Exercise prompt: Nothing but an exact copy is wanted here: the line with "IGES file: header" and all the lines that follow it in the entries below.

——

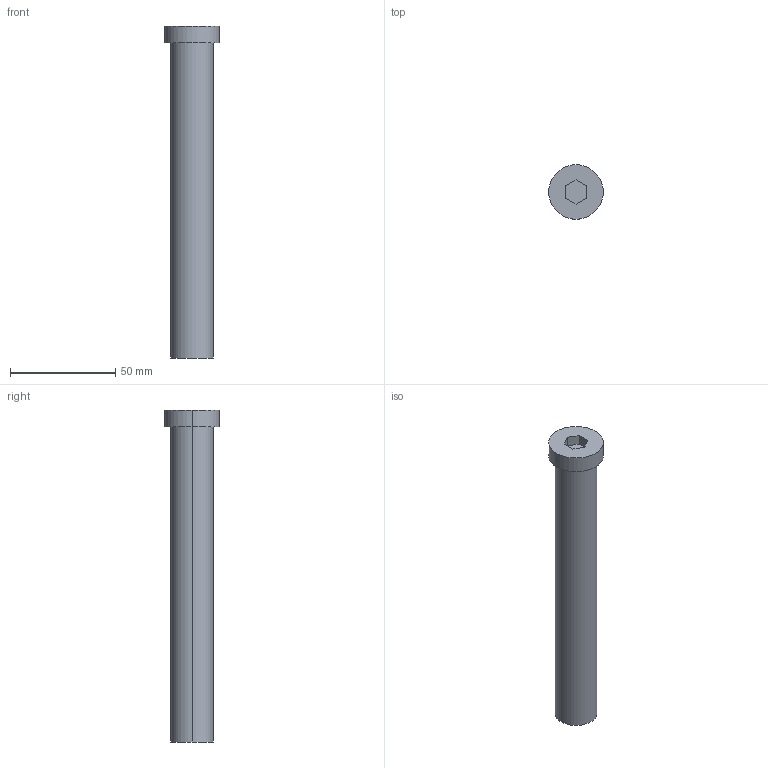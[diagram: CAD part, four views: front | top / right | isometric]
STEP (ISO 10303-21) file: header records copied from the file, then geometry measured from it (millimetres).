
FILE_DESCRIPTION (( 'STEP AP214' ), '1' );
FILE_NAME ('BruyRubio_TGH__20_x_150_-_M-12.STEP', '2019-12-22T23:38:03', ( '' ), ( '' ), 'SwSTEP 2.0', 'SolidWorks 2017', '' );
FILE_SCHEMA (( 'AUTOMOTIVE_DESIGN' ));
Length unit declared in the file: millimetre
Products named in the file (1): BruyRubio_TGH__20_x_150_-_M-12
Bounding box: 26 x 26 x 158 mm (x, y, z)
Volume: 48635.8 mm3; surface area: 14162.7 mm2
Topology: 2 solids, 2 shells, 27 faces, 58 edges, 37 vertices
Faces by surface type: plane 13, cylinder 12, cone 2
Entity records: 1070 total; most frequent: DIRECTION 136, CARTESIAN_POINT 121, ORIENTED_EDGE 112, EDGE_CURVE 56, AXIS2_PLACEMENT_3D 52, VERTEX_POINT 37, EDGE_LOOP 33, VECTOR 32
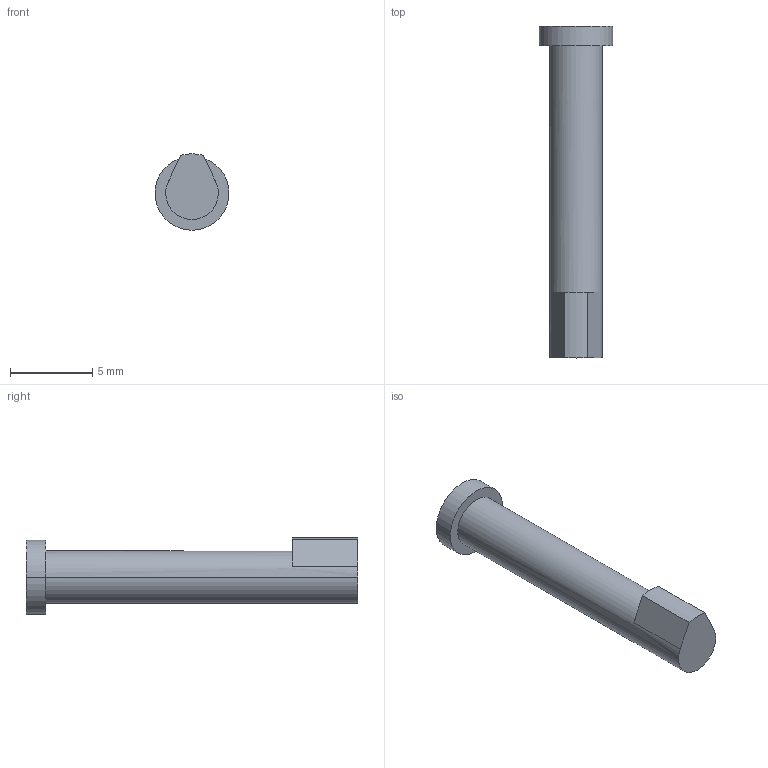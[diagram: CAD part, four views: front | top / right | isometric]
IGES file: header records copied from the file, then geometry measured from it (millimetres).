
Start section:  PTC IGES file: 64001221_button_reset_imx6_sbc.igs
Global section: file name: 64001221_button_reset_imx6_sbc.igs; native system: Creo Parametric by Parametric Technology Corporation; preprocessor: 2014090; author: mlarsen; organization: Unknown; date: 20150204.124603; units: millimetre
Bounding box: 4.5 x 20.2 x 4.65 mm (x, y, z)
Volume: 176.9 mm3; surface area: 248.6 mm2
Topology: 1 solids, 1 shells, 12 faces, 28 edges, 17 vertices
Faces by surface type: revolution 7, bspline 5

——

Your solution:
IGES file: header records copied from the file, then geometry measured from it (millimetres).
Start section:  PTC IGES file: 64001221_button_reset_imx6_sbc.igs
Global section: file name: 64001221_button_reset_imx6_sbc.igs; native system: Creo Parametric by Parametric Technology Corporation; preprocessor: 2014090; author: mlarsen; organization: Unknown; date: 20150204.124603; units: millimetre
Bounding box: 4.5 x 20.2 x 4.65 mm (x, y, z)
Volume: 176.9 mm3; surface area: 248.6 mm2
Topology: 1 solids, 1 shells, 12 faces, 28 edges, 17 vertices
Faces by surface type: revolution 7, bspline 5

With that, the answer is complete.